Die Qualitätsprobleme erreichen damit ein Ausmaß, das bislang vor allem Konkurrenten wie General Motors und Toyota empfindlich traf. Die mussten durch ihre schiere Größe schon häufiger Rückrufe im Millionenbereich organisieren — eine Aufholjagd auf diesem Gebiet hätten die Wolfsburger als globale Nummer drei wohl gern vermieden.
Doch über kurz oder lang hatten Experten mit Aktionen dieser Größenordnung auch bei Volkswagen gerechnet. So kommt der Rückruf für Stefan Bratzel von der Fachhochschule Bergisch Gladbach „nicht wahnsinnig überraschend. Das ist das Damokles-Schwert, das über der Plattformstrategie hängt“.
Hier müssen auch die Wolfsburger ansetzen, um Gefahren möglichst gering zu halten. Denn mittelfristig sollen pro Jahr vier Millionen Autos auf Basis des sogenannten Modularen Querbaukastens vom Band laufen. „Qualität muss dabei vor Geschwindigkeit gehen“, sagt Bratzel und betont die Bedeutung der Qualitätssicherung, die penibel auf kleinste Unregelmäßigkeiten achten müsse. Wenn es irgendwo hakt, sei Eile geboten: „Man muss die Fehler möglichst frühzeitig feststellen.“ Sonst potenziere sich das Risiko.
Volkswagens Gewinnprognose sehen Experten durch die umfangreiche Rückrufaktion aber nicht in Gefahr.
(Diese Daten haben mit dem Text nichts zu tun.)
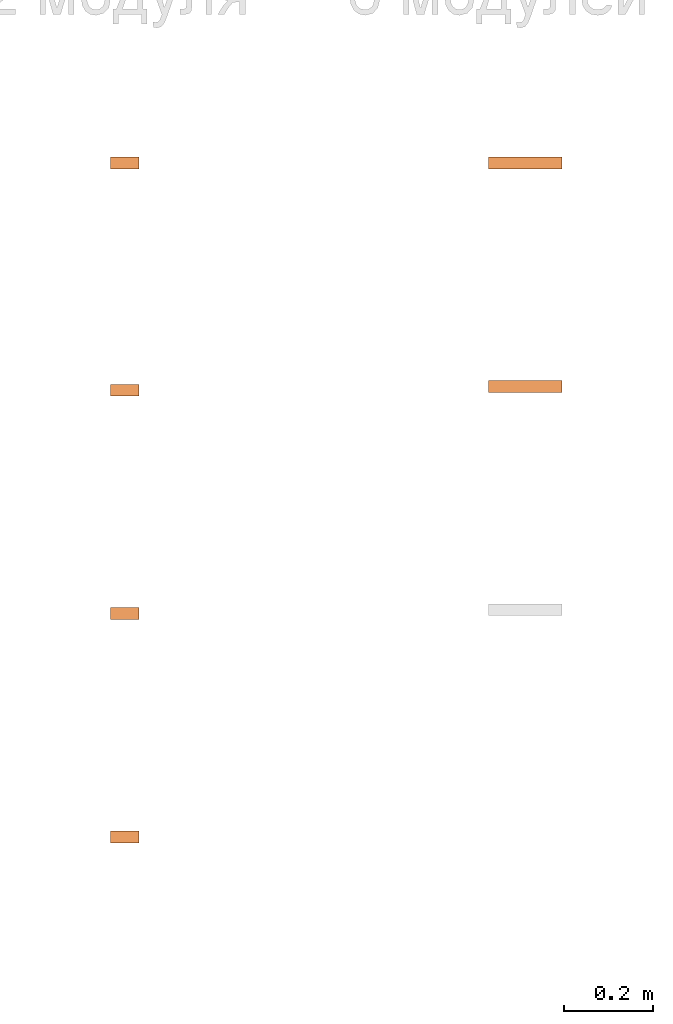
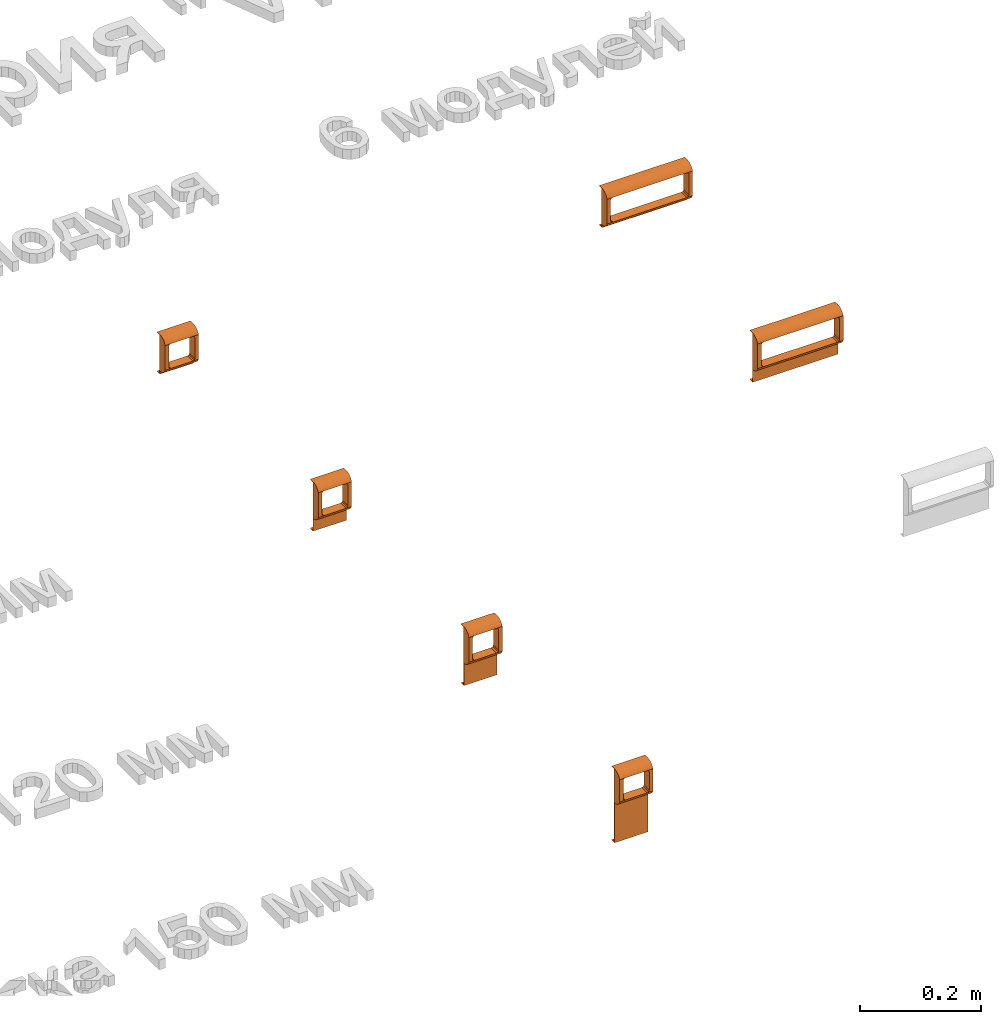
# One storey, part 68 of 71: 6 proxies.
"""IFC2X3 building model written with IfcOpenShell, lengths in millimetres."""

from ifc_helpers import new_model, entity, si_unit, converted_unit, derived_unit, direction, frame, origin, place, context, subcontext, project, spatial, faceted_brep, source, transform, mapped, material, type_object, type_shapes, element, save


model = new_model("IFC2X3")

# Units and contexts
model_context = context("Model", 3, precision=0.01, world=origin(), true_north=direction((6.12303176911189e-17, 1.0)))
body_context = subcontext(model_context, "Body", "Model", "MODEL_VIEW")
ifc_project = project(units=[si_unit("LENGTHUNIT", "METRE", prefix="MILLI"), si_unit("AREAUNIT", "SQUARE_METRE"), si_unit("VOLUMEUNIT", "CUBIC_METRE"), converted_unit("PLANEANGLEUNIT", "DEGREE", entity("IfcRatioMeasure", 0.0174532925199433), si_unit("PLANEANGLEUNIT", "RADIAN"), dimensions=[0, 0, 0, 0, 0, 0, 0]), si_unit("MASSUNIT", "GRAM", prefix="KILO"), derived_unit("MASSDENSITYUNIT", [(si_unit("MASSUNIT", "GRAM", prefix="KILO"), 1), (si_unit("LENGTHUNIT", "METRE"), -3)]), si_unit("TIMEUNIT", "SECOND"), si_unit("FREQUENCYUNIT", "HERTZ"), si_unit("THERMODYNAMICTEMPERATUREUNIT", "DEGREE_CELSIUS"), derived_unit("THERMALTRANSMITTANCEUNIT", [(si_unit("MASSUNIT", "GRAM", prefix="KILO"), 1), (si_unit("THERMODYNAMICTEMPERATUREUNIT", "KELVIN"), -1), (si_unit("TIMEUNIT", "SECOND"), -3)]), derived_unit("VOLUMETRICFLOWRATEUNIT", [(si_unit("LENGTHUNIT", "METRE"), 3), (si_unit("TIMEUNIT", "SECOND"), -1)]), si_unit("ELECTRICCURRENTUNIT", "AMPERE"), si_unit("ELECTRICVOLTAGEUNIT", "VOLT"), si_unit("POWERUNIT", "WATT"), si_unit("FORCEUNIT", "NEWTON", prefix="KILO"), si_unit("ILLUMINANCEUNIT", "LUX"), si_unit("LUMINOUSFLUXUNIT", "LUMEN"), si_unit("LUMINOUSINTENSITYUNIT", "CANDELA"), derived_unit("USERDEFINED", [(si_unit("MASSUNIT", "GRAM", prefix="KILO"), -1), (si_unit("LENGTHUNIT", "METRE"), -2), (si_unit("TIMEUNIT", "SECOND"), 3), (si_unit("LUMINOUSFLUXUNIT", "LUMEN"), 1)]), derived_unit("LINEARVELOCITYUNIT", [(si_unit("LENGTHUNIT", "METRE"), 1), (si_unit("TIMEUNIT", "SECOND"), -1)]), si_unit("PRESSUREUNIT", "PASCAL"), derived_unit("USERDEFINED", [(si_unit("LENGTHUNIT", "METRE"), -2), (si_unit("MASSUNIT", "GRAM", prefix="KILO"), 1), (si_unit("TIMEUNIT", "SECOND"), -2)])], contexts=[model_context])

# Site, building, storey
site_placement = place(None, origin())
site = spatial("IfcSite", under=ifc_project, at=site_placement, Name="Default", CompositionType="ELEMENT")
building_placement = place(site_placement, origin())
building = spatial("IfcBuilding", under=site, at=building_placement, Name="Наименование здания", CompositionType="ELEMENT")
storey_placement = place(building_placement, origin())
storey = spatial("IfcBuildingStorey", under=building, at=storey_placement, Name="Этаж 01", CompositionType="ELEMENT", Elevation=0.0)

# Proxies
ifc_material = material(Name="DKC_Пластик_Белый")
building_element_proxy_type_1 = type_object("IfcBuildingElementProxyType", Name="Серия \"Viva\"", PredefinedType="NOTDEFINED", material=ifc_material)
shared_shape_1 = source(origin(), body_context, "Body", "Brep", [
    faceted_brep([(-23.8192492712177, -18.0, 36.8192492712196), (-20.9686648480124, -18.0, 38.0), (-32.0, -18.0, 38.0), (-32.0, -18.0, -12.0), (-20.9686648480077, -18.0, -12.0), (-23.8192492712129, -18.0, -10.8192492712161), (-25.0, -18.0, -7.96866484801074), (-25.0, -18.0, 33.9686648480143), (32.0, -18.0, 38.0), (20.96866484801, -18.0, 38.0), (23.8192492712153, -18.0, 36.8192492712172), (25.0, -18.0, 33.9686648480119), (25.0, -18.0, -7.96866484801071), (23.8192492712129, -18.0, -10.819249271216), (20.9686648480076, -18.0, -12.0), (32.0, -18.0, -12.0), (32.0, -1.0, -50.0), (32.0, 8.40000000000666, -50.0), (32.0, 8.40000000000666, -49.0), (32.0, 0.0, -49.0), (32.0, 0.0, 49.0), (32.0, 8.40000000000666, 49.0), (32.0, 8.40000000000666, 50.0), (32.0, -1.0, 50.0), (32.0, -5.39126188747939, 49.4574348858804), (32.0, -9.51840787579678, 47.8623725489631), (32.0, -13.1332075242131, 45.310749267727), (32.0, -16.018245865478, 41.9560344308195), (32.0, -16.0182458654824, -15.9560344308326), (32.0, -13.133207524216, -19.3107492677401), (32.0, -9.51840787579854, -21.8623725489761), (32.0, -5.39126188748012, -23.4574348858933), (32.0, -1.0, -24.0), (-32.0, -1.0, 50.0), (-32.0, 8.40000000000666, 50.0), (-32.0, 8.40000000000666, 49.0), (-32.0, 0.0, 49.0), (-32.0, 0.0, -49.0), (-32.0, 8.40000000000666, -49.0), (-32.0, 8.40000000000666, -50.0), (-32.0, -1.0, -50.0), (-32.0, -1.0, -24.0), (-32.0, -5.39126188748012, -23.4574348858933), (-32.0, -9.51840787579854, -21.8623725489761), (-32.0, -13.133207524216, -19.3107492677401), (-32.0, -16.0182458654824, -15.9560344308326), (-32.0, -16.018245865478, 41.9560344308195), (-32.0, -13.1332075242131, 45.310749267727), (-32.0, -9.51840787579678, 47.8623725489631), (-32.0, -5.39126188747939, 49.4574348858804), (25.0, 0.0, -7.96866484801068), (23.8192492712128, 0.0, -10.819249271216), (20.9686648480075, 0.0, -12.0), (-20.9686648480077, 0.0, -12.0), (-23.819249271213, 0.0, -10.819249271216), (-25.0, 0.0, -7.96866484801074), (-25.0, 0.0, 33.9686648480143), (-23.8192492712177, 0.0, 36.8192492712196), (-20.9686648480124, 0.0, 38.0), (25.0, 0.0, 33.968664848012), (23.8192492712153, 0.0, 36.8192492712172), (20.96866484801, 0.0, 38.0)], [[[0, 1, 2, 3, 4, 5, 6, 7]], [[8, 9, 10, 11, 12, 13, 14, 15]], [[16, 17, 18, 19, 20, 21, 22, 23, 24, 25, 26, 27, 8, 15, 28, 29, 30, 31, 32]], [[33, 34, 35, 36, 37, 38, 39, 40, 41, 42, 43, 44, 45, 3, 2, 46, 47, 48, 49]], [[22, 21, 35, 34]], [[18, 17, 39, 38]], [[23, 22, 34, 33]], [[16, 32, 41, 40]], [[17, 16, 40, 39]], [[19, 18, 38, 37]], [[19, 50, 20]], [[50, 19, 51]], [[52, 51, 19]], [[19, 53, 52]], [[53, 19, 37]], [[54, 53, 37]], [[37, 55, 54]], [[55, 37, 36]], [[36, 56, 55]], [[56, 36, 57]], [[58, 57, 36]], [[58, 36, 20]], [[59, 20, 50]], [[20, 59, 60]], [[60, 61, 20]], [[20, 61, 58]], [[21, 20, 36, 35]], [[24, 49, 48, 25]], [[25, 48, 47, 26]], [[33, 49, 24, 23]], [[46, 2, 1, 9, 8, 27]], [[26, 47, 46, 27]], [[4, 3, 45, 28, 15, 14]], [[28, 45, 44, 29]], [[30, 43, 42, 31]], [[31, 42, 41, 32]], [[29, 44, 43, 30]], [[58, 61, 9, 1]], [[0, 57, 58, 1]], [[7, 56, 57, 0]], [[56, 7, 6, 55]], [[5, 54, 55, 6]], [[4, 53, 54, 5]], [[53, 4, 14, 52]], [[13, 51, 52, 14]], [[12, 50, 51, 13]], [[50, 12, 11, 59]], [[10, 60, 59, 11]], [[9, 61, 60, 10]]]),
])
type_shapes(building_element_proxy_type_1, [shared_shape_1])
proxy_1_placement = place(storey_placement, frame((3712.40142967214, -12431.8358834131, 0.0)))
element("IfcBuildingElementProxy", 1, at=proxy_1_placement, inside=storey, type_object=building_element_proxy_type_1, material=ifc_material, Name="КНС_РамкаСуппорт_ILC_DKC:Серия \"Viva\"", ObjectType="Серия \"Viva\"", context=body_context, shape_type="MappedRepresentation", body=[
    mapped(shared_shape_1, transform((0.0, 0.0, 0.0), scale=1.0)),
])
building_element_proxy_type_2 = type_object("IfcBuildingElementProxyType", Name="Серия \"Viva\"", PredefinedType="NOTDEFINED", material=ifc_material)
shared_shape_2 = source(origin(), body_context, "Body", "Brep", [
    faceted_brep([(-23.8192492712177, -18.0, 46.8192492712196), (-20.9686648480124, -18.0, 48.0), (-32.0, -18.0, 48.0), (-32.0, -18.0, -2.0), (-20.9686648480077, -18.0, -2.0), (-23.8192492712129, -18.0, -0.81924927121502), (-25.0, -18.0, 2.03133515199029), (-25.0, -18.0, 43.9686648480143), (32.0, -18.0, 48.0), (20.96866484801, -18.0, 48.0), (23.8192492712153, -18.0, 46.8192492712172), (25.0, -18.0, 43.9686648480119), (25.0, -18.0, 2.03133515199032), (23.8192492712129, -18.0, -0.819249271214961), (20.9686648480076, -18.0, -2.0), (32.0, -18.0, -2.0), (32.0, -1.0, -60.0), (32.0, 8.40000000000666, -60.0), (32.0, 8.40000000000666, -59.0), (32.0, 0.0, -59.0), (32.0, 0.0, 59.0), (32.0, 8.40000000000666, 59.0), (32.0, 8.40000000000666, 60.0), (32.0, -1.0, 60.0), (32.0, -5.39126188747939, 59.4574348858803), (32.0, -9.51840787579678, 57.862372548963), (32.0, -13.1332075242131, 55.310749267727), (32.0, -16.018245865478, 51.9560344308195), (32.0, -16.0182458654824, -5.95603443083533), (32.0, -13.133207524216, -9.31074926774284), (32.0, -9.51840787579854, -11.8623725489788), (32.0, -5.39126188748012, -13.457434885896), (32.0, -1.0, -14.0), (-32.0, -1.0, 60.0), (-32.0, 8.40000000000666, 60.0), (-32.0, 8.40000000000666, 59.0), (-32.0, 0.0, 59.0), (-32.0, 0.0, -59.0), (-32.0, 8.40000000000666, -59.0), (-32.0, 8.40000000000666, -60.0), (-32.0, -1.0, -60.0), (-32.0, -1.0, -14.0), (-32.0, -5.39126188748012, -13.457434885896), (-32.0, -9.51840787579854, -11.8623725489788), (-32.0, -13.133207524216, -9.31074926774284), (-32.0, -16.0182458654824, -5.95603443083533), (-32.0, -16.018245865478, 51.9560344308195), (-32.0, -13.1332075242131, 55.310749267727), (-32.0, -9.51840787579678, 57.862372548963), (-32.0, -5.39126188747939, 59.4574348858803), (25.0, 0.0, 2.03133515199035), (23.8192492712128, 0.0, -0.819249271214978), (20.9686648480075, 0.0, -2.0), (-20.9686648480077, 0.0, -2.0), (-23.819249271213, 0.0, -0.819249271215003), (-25.0, 0.0, 2.03133515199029), (-25.0, 0.0, 43.9686648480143), (-23.8192492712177, 0.0, 46.8192492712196), (-20.9686648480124, 0.0, 48.0), (25.0, 0.0, 43.9686648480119), (23.8192492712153, 0.0, 46.8192492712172), (20.96866484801, 0.0, 48.0)], [[[0, 1, 2, 3, 4, 5, 6, 7]], [[8, 9, 10, 11, 12, 13, 14, 15]], [[16, 17, 18, 19, 20, 21, 22, 23, 24, 25, 26, 27, 8, 15, 28, 29, 30, 31, 32]], [[33, 34, 35, 36, 37, 38, 39, 40, 41, 42, 43, 44, 45, 3, 2, 46, 47, 48, 49]], [[22, 21, 35, 34]], [[18, 17, 39, 38]], [[23, 22, 34, 33]], [[16, 32, 41, 40]], [[17, 16, 40, 39]], [[19, 18, 38, 37]], [[19, 50, 20]], [[50, 19, 51]], [[52, 51, 19]], [[19, 53, 52]], [[53, 19, 37]], [[54, 53, 37]], [[37, 55, 54]], [[55, 37, 36]], [[36, 56, 55]], [[56, 36, 57]], [[58, 57, 36]], [[58, 36, 20]], [[59, 20, 50]], [[20, 59, 60]], [[60, 61, 20]], [[20, 61, 58]], [[21, 20, 36, 35]], [[24, 49, 48, 25]], [[25, 48, 47, 26]], [[33, 49, 24, 23]], [[46, 2, 1, 9, 8, 27]], [[26, 47, 46, 27]], [[4, 3, 45, 28, 15, 14]], [[28, 45, 44, 29]], [[30, 43, 42, 31]], [[31, 42, 41, 32]], [[29, 44, 43, 30]], [[58, 61, 9, 1]], [[0, 57, 58, 1]], [[7, 56, 57, 0]], [[56, 7, 6, 55]], [[5, 54, 55, 6]], [[4, 53, 54, 5]], [[53, 4, 14, 52]], [[13, 51, 52, 14]], [[12, 50, 51, 13]], [[59, 50, 12, 11]], [[10, 60, 59, 11]], [[9, 61, 60, 10]]]),
])
type_shapes(building_element_proxy_type_2, [shared_shape_2])
proxy_2_placement = place(storey_placement, frame((3712.40142967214, -12931.8358834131, 0.0)))
element("IfcBuildingElementProxy", 2, at=proxy_2_placement, inside=storey, type_object=building_element_proxy_type_2, material=ifc_material, Name="КНС_РамкаСуппорт_ILC_DKC:Серия \"Viva\"", ObjectType="Серия \"Viva\"", context=body_context, shape_type="MappedRepresentation", body=[
    mapped(shared_shape_2, transform((0.0, 0.0, 0.0), scale=1.0)),
])
building_element_proxy_type_3 = type_object("IfcBuildingElementProxyType", Name="Серия \"Viva\"", PredefinedType="NOTDEFINED", material=ifc_material)
shared_shape_3 = source(origin(), body_context, "Body", "Brep", [
    faceted_brep([(-23.8192492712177, -18.0, 61.8192492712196), (-20.9686648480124, -18.0, 63.0), (-32.0, -18.0, 63.0), (-32.0, -18.0, 18.0), (-20.9686648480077, -18.0, 18.0), (-23.8192492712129, -18.0, 19.180750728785), (-25.0, -18.0, 22.0313351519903), (-25.0, -18.0, 58.9686648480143), (32.0, -18.0, 63.0), (20.96866484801, -18.0, 63.0), (23.8192492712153, -18.0, 61.8192492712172), (25.0, -18.0, 58.9686648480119), (25.0, -18.0, 22.0313351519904), (23.8192492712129, -18.0, 19.1807507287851), (20.9686648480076, -18.0, 18.0), (32.0, -18.0, 18.0), (32.0, -1.0, -75.0), (32.0, 8.40000000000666, -75.0), (32.0, 8.40000000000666, -74.0), (32.0, 0.0, -74.0), (32.0, 0.0, 74.0), (32.0, 8.40000000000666, 74.0), (32.0, 8.40000000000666, 75.0), (32.0, -1.0, 75.0), (32.0, -5.39126188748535, 74.4574348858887), (32.0, -9.51840787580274, 72.8623725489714), (32.0, -13.133207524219, 70.3107492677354), (32.0, -16.018245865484, 66.9560344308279), (32.0, -16.0182458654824, 14.0439655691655), (32.0, -13.133207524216, 10.689250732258), (32.0, -9.51840787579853, 8.13762745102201), (32.0, -5.39126188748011, 6.54256511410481), (32.0, -1.0, 6.0), (-32.0, -1.0, 75.0), (-32.0, 8.40000000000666, 75.0), (-32.0, 8.40000000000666, 74.0), (-32.0, 0.0, 74.0), (-32.0, 0.0, -74.0), (-32.0, 8.40000000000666, -74.0), (-32.0, 8.40000000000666, -75.0), (-32.0, -1.0, -75.0), (-32.0, -1.0, 6.0), (-32.0, -5.39126188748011, 6.54256511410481), (-32.0, -9.51840787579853, 8.13762745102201), (-32.0, -13.133207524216, 10.689250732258), (-32.0, -16.0182458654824, 14.0439655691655), (-32.0, -16.018245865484, 66.9560344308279), (-32.0, -13.133207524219, 70.3107492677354), (-32.0, -9.51840787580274, 72.8623725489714), (-32.0, -5.39126188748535, 74.4574348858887), (25.0, 0.0, 22.0313351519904), (23.8192492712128, 0.0, 19.1807507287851), (20.9686648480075, 0.0, 18.0), (-20.9686648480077, 0.0, 18.0), (-23.819249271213, 0.0, 19.180750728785), (-25.0, 0.0, 22.0313351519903), (-25.0, 0.0, 58.9686648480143), (-23.8192492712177, 0.0, 61.8192492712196), (-20.9686648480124, 0.0, 63.0), (25.0, 0.0, 58.968664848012), (23.8192492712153, 0.0, 61.8192492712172), (20.96866484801, 0.0, 63.0)], [[[0, 1, 2, 3, 4, 5, 6, 7]], [[8, 9, 10, 11, 12, 13, 14, 15]], [[16, 17, 18, 19, 20, 21, 22, 23, 24, 25, 26, 27, 8, 15, 28, 29, 30, 31, 32]], [[33, 34, 35, 36, 37, 38, 39, 40, 41, 42, 43, 44, 45, 3, 2, 46, 47, 48, 49]], [[22, 21, 35, 34]], [[18, 17, 39, 38]], [[23, 22, 34, 33]], [[16, 32, 41, 40]], [[17, 16, 40, 39]], [[19, 18, 38, 37]], [[19, 50, 20]], [[50, 19, 51]], [[52, 51, 19]], [[19, 37, 52]], [[53, 52, 37]], [[54, 53, 37]], [[37, 55, 54]], [[55, 37, 36]], [[36, 56, 55]], [[56, 36, 57]], [[58, 57, 36]], [[58, 36, 20]], [[59, 20, 50]], [[20, 59, 60]], [[60, 61, 20]], [[20, 61, 58]], [[21, 20, 36, 35]], [[24, 49, 48, 25]], [[25, 48, 47, 26]], [[33, 49, 24, 23]], [[46, 2, 1, 9, 8, 27]], [[26, 47, 46, 27]], [[4, 3, 45, 28, 15, 14]], [[28, 45, 44, 29]], [[30, 43, 42, 31]], [[31, 42, 41, 32]], [[29, 44, 43, 30]], [[58, 61, 9, 1]], [[0, 57, 58, 1]], [[7, 56, 57, 0]], [[56, 7, 6, 55]], [[5, 54, 55, 6]], [[4, 53, 54, 5]], [[53, 4, 14, 52]], [[13, 51, 52, 14]], [[12, 50, 51, 13]], [[50, 12, 11, 59]], [[10, 60, 59, 11]], [[9, 61, 60, 10]]]),
])
type_shapes(building_element_proxy_type_3, [shared_shape_3])
proxy_3_placement = place(storey_placement, frame((3712.40142967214, -13431.8358834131, 0.0)))
element("IfcBuildingElementProxy", 3, at=proxy_3_placement, inside=storey, type_object=building_element_proxy_type_3, material=ifc_material, Name="КНС_РамкаСуппорт_ILC_DKC:Серия \"Viva\"", ObjectType="Серия \"Viva\"", context=body_context, shape_type="MappedRepresentation", body=[
    mapped(shared_shape_3, transform((0.0, 0.0, 0.0), scale=1.0)),
])
building_element_proxy_type_4 = type_object("IfcBuildingElementProxyType", Name="Серия \"Viva\"", PredefinedType="NOTDEFINED", material=ifc_material)
shared_shape_4 = source(origin(), body_context, "Body", "Brep", [
    faceted_brep([(-73.8192492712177, -18.0, 26.8192492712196), (-70.9686648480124, -18.0, 28.0), (-82.0, -18.0, 28.0), (-82.0, -18.0, -22.0), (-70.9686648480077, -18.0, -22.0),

Zwar kalkuliert Analyst Jürgen Pieper vom Bankhaus Metzler in einer groben Schätzung etwa 50 bis 100 Euro Kosten je Auto — das wären insgesamt bis zu 260 Millionen Euro. Allerdings habe der Konzern genügend allgemeine Rückstellungen, um einen solchen Sonderaufwand zu stemmen.
Schwacher Trost für VW: Die Probleme beim Tiguan und Amarok sollen auf die Kappe der Zulieferer gehen.